With our new dog now harnessed to the sledge and Whitey still a passenger, we got away by the middle of the forenoon and by mid-afternoon reached another aranga, where we found two women. I tried to make them understand that I wanted to see the man of the house and buy a dog from him; there were several pretty good dogs running around outside the aranga. The women were not very talkative but they finally managed to make me understand that the men were away, gathering driftwood. We made ourselves some tea and waited. Kataktovick went into the aranga and presently returned to tell me that the women had some flour and were willing to give us some. I hardly knew what we could do with it and said so.

Kataktovick replied, “Me make flapjacks.”

He got some of the flour and mixed it with melted snow. Then he greased the cover of the tea boiler with walrus blubber, placed it over the Primus stove and cooked half a dozen flapjacks. They proved to be very good, and from that time on, whenever we got a chance, we had flapjacks; unfortunately chances like this were few and far between. The day was fine and clear and we had a good view of the hinterland, which, I found, resembled the coast of Grant Land, where I had been on my voyages with Peary in the Roosevelt.

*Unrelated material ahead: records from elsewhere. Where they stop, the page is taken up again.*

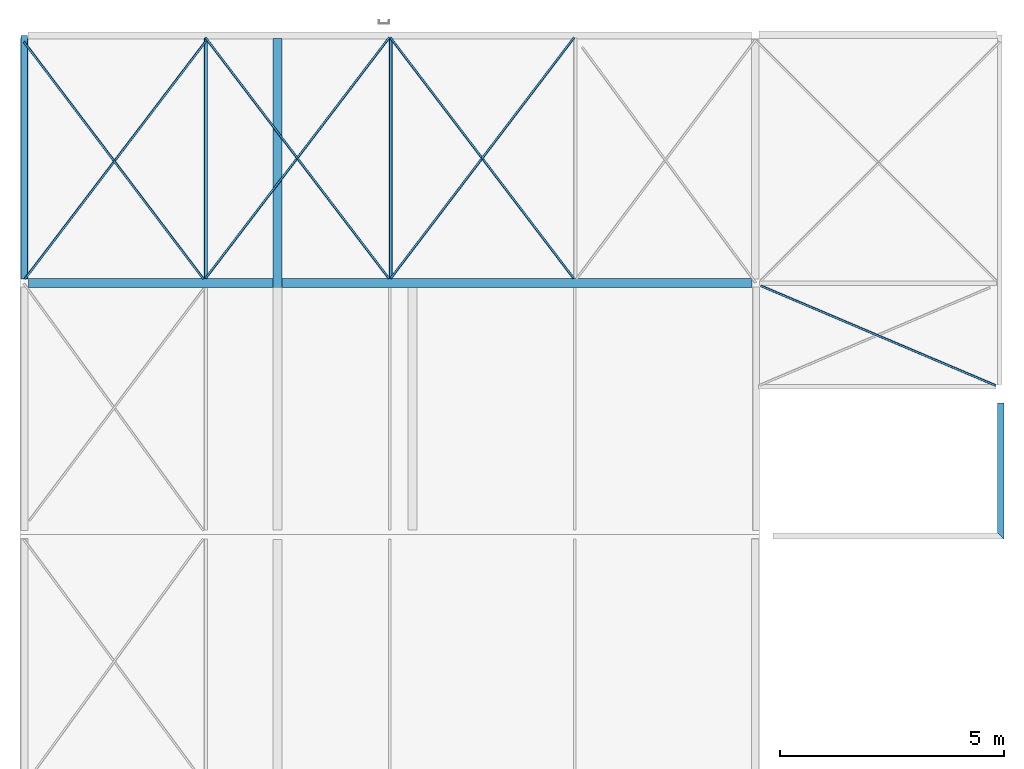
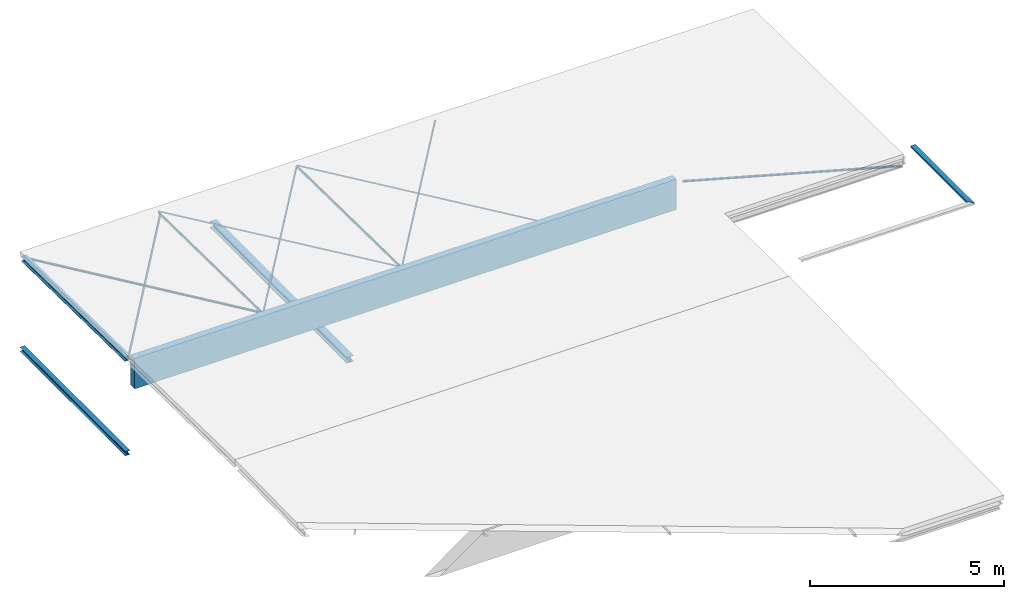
# One storey, part 3 of 5: 14 beams.
"""IFC2X3 building model written with IfcOpenShell, lengths in millimetres."""

from ifc_helpers import new_model, entity, si_unit, converted_unit, derived_unit, direction, frame, frame_2d, origin, place, context, subcontext, project, spatial, polyline, circle_curve, parameter, trimmed, segment, composite_curve, rectangle, i_section, outline, extrude, clip, halfspace, material, type_object, element, save


model = new_model("IFC2X3")

# Units and contexts
model_context = context("Model", 3, precision=0.01, world=origin(), true_north=direction((6.123031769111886e-17, 1.0)))
plan_context = context("Plan", 3, precision=0.01, world=origin(), true_north=direction((6.123031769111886e-17, 1.0)))
body_context = subcontext(model_context, "Body", "Model", "MODEL_VIEW")
ifc_project = project(units=[si_unit("LENGTHUNIT", "METRE", prefix="MILLI"), si_unit("AREAUNIT", "SQUARE_METRE"), si_unit("VOLUMEUNIT", "CUBIC_METRE"), converted_unit("PLANEANGLEUNIT", "DEGREE", entity("IfcPlaneAngleMeasure", 0.017453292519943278), si_unit("PLANEANGLEUNIT", "RADIAN"), dimensions=[0, 0, 0, 0, 0, 0, 0]), si_unit("MASSUNIT", "GRAM", prefix="KILO"), derived_unit("MASSDENSITYUNIT", [(si_unit("MASSUNIT", "GRAM", prefix="KILO"), 1), (si_unit("LENGTHUNIT", "METRE"), -3)]), derived_unit("IONCONCENTRATIONUNIT", [(si_unit("MASSUNIT", "GRAM", prefix="KILO"), 1), (si_unit("LENGTHUNIT", "METRE"), -3)]), derived_unit("MOMENTOFINERTIAUNIT", [(si_unit("LENGTHUNIT", "METRE"), 4)]), si_unit("TIMEUNIT", "SECOND"), si_unit("FREQUENCYUNIT", "HERTZ"), si_unit("THERMODYNAMICTEMPERATUREUNIT", "DEGREE_CELSIUS"), derived_unit("THERMALTRANSMITTANCEUNIT", [(si_unit("MASSUNIT", "GRAM", prefix="KILO"), 1), (si_unit("THERMODYNAMICTEMPERATUREUNIT", "KELVIN"), -1), (si_unit("TIMEUNIT", "SECOND"), -3)]), derived_unit("THERMALCONDUCTANCEUNIT", [(si_unit("MASSUNIT", "GRAM", prefix="KILO"), 1), (si_unit("THERMODYNAMICTEMPERATUREUNIT", "KELVIN"), -1), (si_unit("TIMEUNIT", "SECOND"), -3), (si_unit("LENGTHUNIT", "METRE"), 1)]), derived_unit("VOLUMETRICFLOWRATEUNIT", [(si_unit("LENGTHUNIT", "METRE", prefix="DECI"), 3), (si_unit("TIMEUNIT", "SECOND"), -1)]), derived_unit("MASSFLOWRATEUNIT", [(si_unit("MASSUNIT", "GRAM", prefix="KILO"), 1), (si_unit("TIMEUNIT", "SECOND"), -1)]), derived_unit("ROTATIONALFREQUENCYUNIT", [(si_unit("TIMEUNIT", "SECOND"), -1)]), si_unit("ELECTRICCURRENTUNIT", "AMPERE"), si_unit("ELECTRICVOLTAGEUNIT", "VOLT"), si_unit("POWERUNIT", "WATT"), si_unit("FORCEUNIT", "NEWTON", prefix="KILO"), si_unit("ILLUMINANCEUNIT", "LUX"), si_unit("LUMINOUSFLUXUNIT", "LUMEN"), si_unit("LUMINOUSINTENSITYUNIT", "CANDELA"), si_unit("ENERGYUNIT", "JOULE"), derived_unit("USERDEFINED", [(si_unit("MASSUNIT", "GRAM", prefix="KILO"), -1), (si_unit("LENGTHUNIT", "METRE"), -2), (si_unit("TIMEUNIT", "SECOND"), 3), (si_unit("LUMINOUSFLUXUNIT", "LUMEN"), 1)]), derived_unit("USERDEFINED", [(si_unit("MASSUNIT", "GRAM", prefix="KILO"), 1), (si_unit("TIMEUNIT", "SECOND"), -3), (si_unit("LENGTHUNIT", "METRE"), 3), (si_unit("ELECTRICCURRENTUNIT", "AMPERE"), -2)]), derived_unit("SOUNDPOWERUNIT", [(si_unit("MASSUNIT", "GRAM", prefix="KILO"), 1), (si_unit("TIMEUNIT", "SECOND"), -3), (si_unit("LENGTHUNIT", "METRE"), 2)]), derived_unit("SOUNDPRESSUREUNIT", [(si_unit("MASSUNIT", "GRAM", prefix="KILO"), 1), (si_unit("LENGTHUNIT", "METRE"), -1), (si_unit("TIMEUNIT", "SECOND"), -2)]), derived_unit("LINEARVELOCITYUNIT", [(si_unit("LENGTHUNIT", "METRE"), 1), (si_unit("TIMEUNIT", "SECOND"), -1)]), si_unit("PRESSUREUNIT", "PASCAL"), derived_unit("USERDEFINED", [(si_unit("MASSUNIT", "GRAM", prefix="KILO"), 1), (si_unit("LENGTHUNIT", "METRE"), -2), (si_unit("TIMEUNIT", "SECOND"), -2)]), derived_unit("LINEARFORCEUNIT", [(si_unit("MASSUNIT", "GRAM", prefix="KILO"), 1), (si_unit("TIMEUNIT", "SECOND"), -2)]), derived_unit("PLANARFORCEUNIT", [(si_unit("MASSUNIT", "GRAM", prefix="KILO"), 1), (si_unit("LENGTHUNIT", "METRE"), -1), (si_unit("TIMEUNIT", "SECOND"), -2)]), derived_unit("SPECIFICHEATCAPACITYUNIT", [(si_unit("THERMODYNAMICTEMPERATUREUNIT", "KELVIN"), -1), (si_unit("LENGTHUNIT", "METRE"), 2), (si_unit("TIMEUNIT", "SECOND"), -2)]), derived_unit("HEATFLUXDENSITYUNIT", [(si_unit("MASSUNIT", "GRAM", prefix="KILO"), 1), (si_unit("TIMEUNIT", "SECOND"), -3)]), derived_unit("HEATINGVALUEUNIT", [(si_unit("LENGTHUNIT", "METRE"), 2), (si_unit("TIMEUNIT", "SECOND"), -2)]), derived_unit("VAPORPERMEABILITYUNIT", [(si_unit("LENGTHUNIT", "METRE"), -1), (si_unit("TIMEUNIT", "SECOND"), 1)]), derived_unit("DYNAMICVISCOSITYUNIT", [(si_unit("MASSUNIT", "GRAM", prefix="KILO"), 1), (si_unit("TIMEUNIT", "SECOND"), -1), (si_unit("LENGTHUNIT", "METRE"), -1)]), derived_unit("THERMALEXPANSIONCOEFFICIENTUNIT", [(si_unit("THERMODYNAMICTEMPERATUREUNIT", "KELVIN"), -1)]), derived_unit("MODULUSOFELASTICITYUNIT", [(si_unit("MASSUNIT", "GRAM", prefix="KILO"), 1), (si_unit("LENGTHUNIT", "METRE"), -1), (si_unit("TIMEUNIT", "SECOND"), -2)]), derived_unit("ISOTHERMALMOISTURECAPACITYUNIT", [(si_unit("MASSUNIT", "GRAM", prefix="KILO"), -1), (si_unit("LENGTHUNIT", "METRE"), 3)]), derived_unit("MOISTUREDIFFUSIVITYUNIT", [(si_unit("TIMEUNIT", "SECOND"), -1), (si_unit("LENGTHUNIT", "METRE"), 2)]), derived_unit("MASSPERLENGTHUNIT", [(si_unit("MASSUNIT", "GRAM", prefix="KILO"), 1), (si_unit("LENGTHUNIT", "METRE"), -1)]), derived_unit("THERMALRESISTANCEUNIT", [(si_unit("MASSUNIT", "GRAM", prefix="KILO"), -1), (si_unit("TIMEUNIT", "SECOND"), 3), (si_unit("THERMODYNAMICTEMPERATUREUNIT", "KELVIN"), 1)]), derived_unit("ACCELERATIONUNIT", [(si_unit("LENGTHUNIT", "METRE"), 1), (si_unit("TIMEUNIT", "SECOND"), -2)]), derived_unit("ANGULARVELOCITYUNIT", [(si_unit("TIMEUNIT", "SECOND"), -1), (si_unit("PLANEANGLEUNIT", "RADIAN"), 1)]), derived_unit("LINEARSTIFFNESSUNIT", [(si_unit("MASSUNIT", "GRAM", prefix="KILO"), 1), (si_unit("TIMEUNIT", "SECOND"), -2)]), derived_unit("WARPINGCONSTANTUNIT", [(si_unit("LENGTHUNIT", "METRE"), 6)]), derived_unit("LINEARMOMENTUNIT", [(si_unit("MASSUNIT", "GRAM", prefix="KILO"), 1), (si_unit("LENGTHUNIT", "METRE"), 1), (si_unit("TIMEUNIT", "SECOND"), -2)]), derived_unit("TORQUEUNIT", [(si_unit("MASSUNIT", "GRAM", prefix="KILO"), 1), (si_unit("LENGTHUNIT", "METRE"), 2), (si_unit("TIMEUNIT", "SECOND"), -2)])], contexts=[model_context, plan_context])

# Site, building, storey
site_placement = place(None, origin())
site = spatial("IfcSite", under=ifc_project, at=site_placement, Name="Default", CompositionType="ELEMENT")
building_placement = place(site_placement, origin())
building = spatial("IfcBuilding", under=site, at=building_placement, CompositionType="ELEMENT")
storey_placement = place(building_placement, frame((0.0, 0.0, 6700.0)))
storey = spatial("IfcBuildingStorey", under=building, at=storey_placement, Name="02 tweede verdieping", CompositionType="ELEMENT", Elevation=6700.000000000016)

# Beams
ifc_material_1 = material(Name="constructiehout GL28h")
beam_type_1 = type_object("IfcBeamType", Name="28_SF_LIB_houten ligger rechthoekig_dw:200x960 (GL28h)", PredefinedType="NOTDEFINED")
beam_1_placement = place(storey_placement, frame((34256.192937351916, 33112.670340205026, 85.0)))
element("IfcBeam", 1, at=beam_1_placement, inside=storey, type_object=beam_type_1, material=ifc_material_1, Name="28_SF_LIB_houten ligger rechthoekig_dw:200x960 (GL28h)", ObjectType="28_SF_LIB_houten ligger rechthoekig_dw:200x960 (GL28h)", context=body_context, shape_type="SweptSolid", body=[
    extrude(rectangle(XDim=960.0000000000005, YDim=199.99999999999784, at=frame_2d((-5.400124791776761e-13, 5.197620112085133e-11), x_axis=(1.0, 0.0))), frame((0.0, 0.0, -480.0), z_axis=(1.0, 0.0, 0.0), x_axis=(0.0, 0.0, -1.0)), (0.0, 0.0, 1.0), 16158.999999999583),
])
ifc_material_2 = material(Name="constructiestaal S235")
beam_type_2 = type_object("IfcBeamType", Name="28_SF_LIB_HEA ligger_dw:HE160A (S235)", PredefinedType="NOTDEFINED")
beam_2_placement = place(storey_placement, frame((34161.18285187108, 33203.86409632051, 87.7413370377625), z_axis=(0.0, 0.01570731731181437, 0.9998766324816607), x_axis=(0.0, 0.9998766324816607, -0.01570731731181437)))
element("IfcBeam", 2, at=beam_2_placement, inside=storey, type_object=beam_type_2, material=ifc_material_2, Name="28_SF_LIB_HEA ligger_dw:HE160A (S235)", ObjectType="28_SF_LIB_HEA ligger_dw:HE160A (S235)", context=body_context, shape_type="SweptSolid", body=[
    extrude(i_section(OverallWidth=159.99999999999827, OverallDepth=152.000000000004, WebThickness=5.999999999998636, FlangeThickness=9.00000000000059, FilletRadius=15.000000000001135, at=frame_2d((1.6200374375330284e-12, 2.1600499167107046e-12), x_axis=(0.0, 1.0))), frame((0.0, 0.0, -76.0), z_axis=(1.0, 0.0, 0.0), x_axis=(0.0, 0.0, -1.0)), (0.0, 0.0, 1.0), 5365.161886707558),
])
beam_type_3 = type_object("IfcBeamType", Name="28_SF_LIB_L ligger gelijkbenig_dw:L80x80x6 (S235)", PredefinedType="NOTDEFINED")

Presently the men returned, an old man and his son. I asked him for a dog. He replied—we both, of course, talked in the Esperanto of signs—that he had only seven and did not care to part with any. I had a pair of binoculars which I offered him but could not tempt him, though he was very polite in his refusal to trade. I had with me a new forty-five calibre Colt revolver, with eighty-three cartridges left, which I had used to shoot seal. The boy was standing around while we were carrying on our conversation. I handed him the loaded revolver and made signs to him to try a shot with it. About thirty yards away was a stick, standing up in the snow. The boy fired at it and cut it in two the first shot. He showed his pride and satisfaction plainly and required little urging to try a shot at another stick a little farther away. This time he missed; with the next shot, however, he cut this stick in two. It was good shooting, especially as I do not think he had ever seen a revolver before.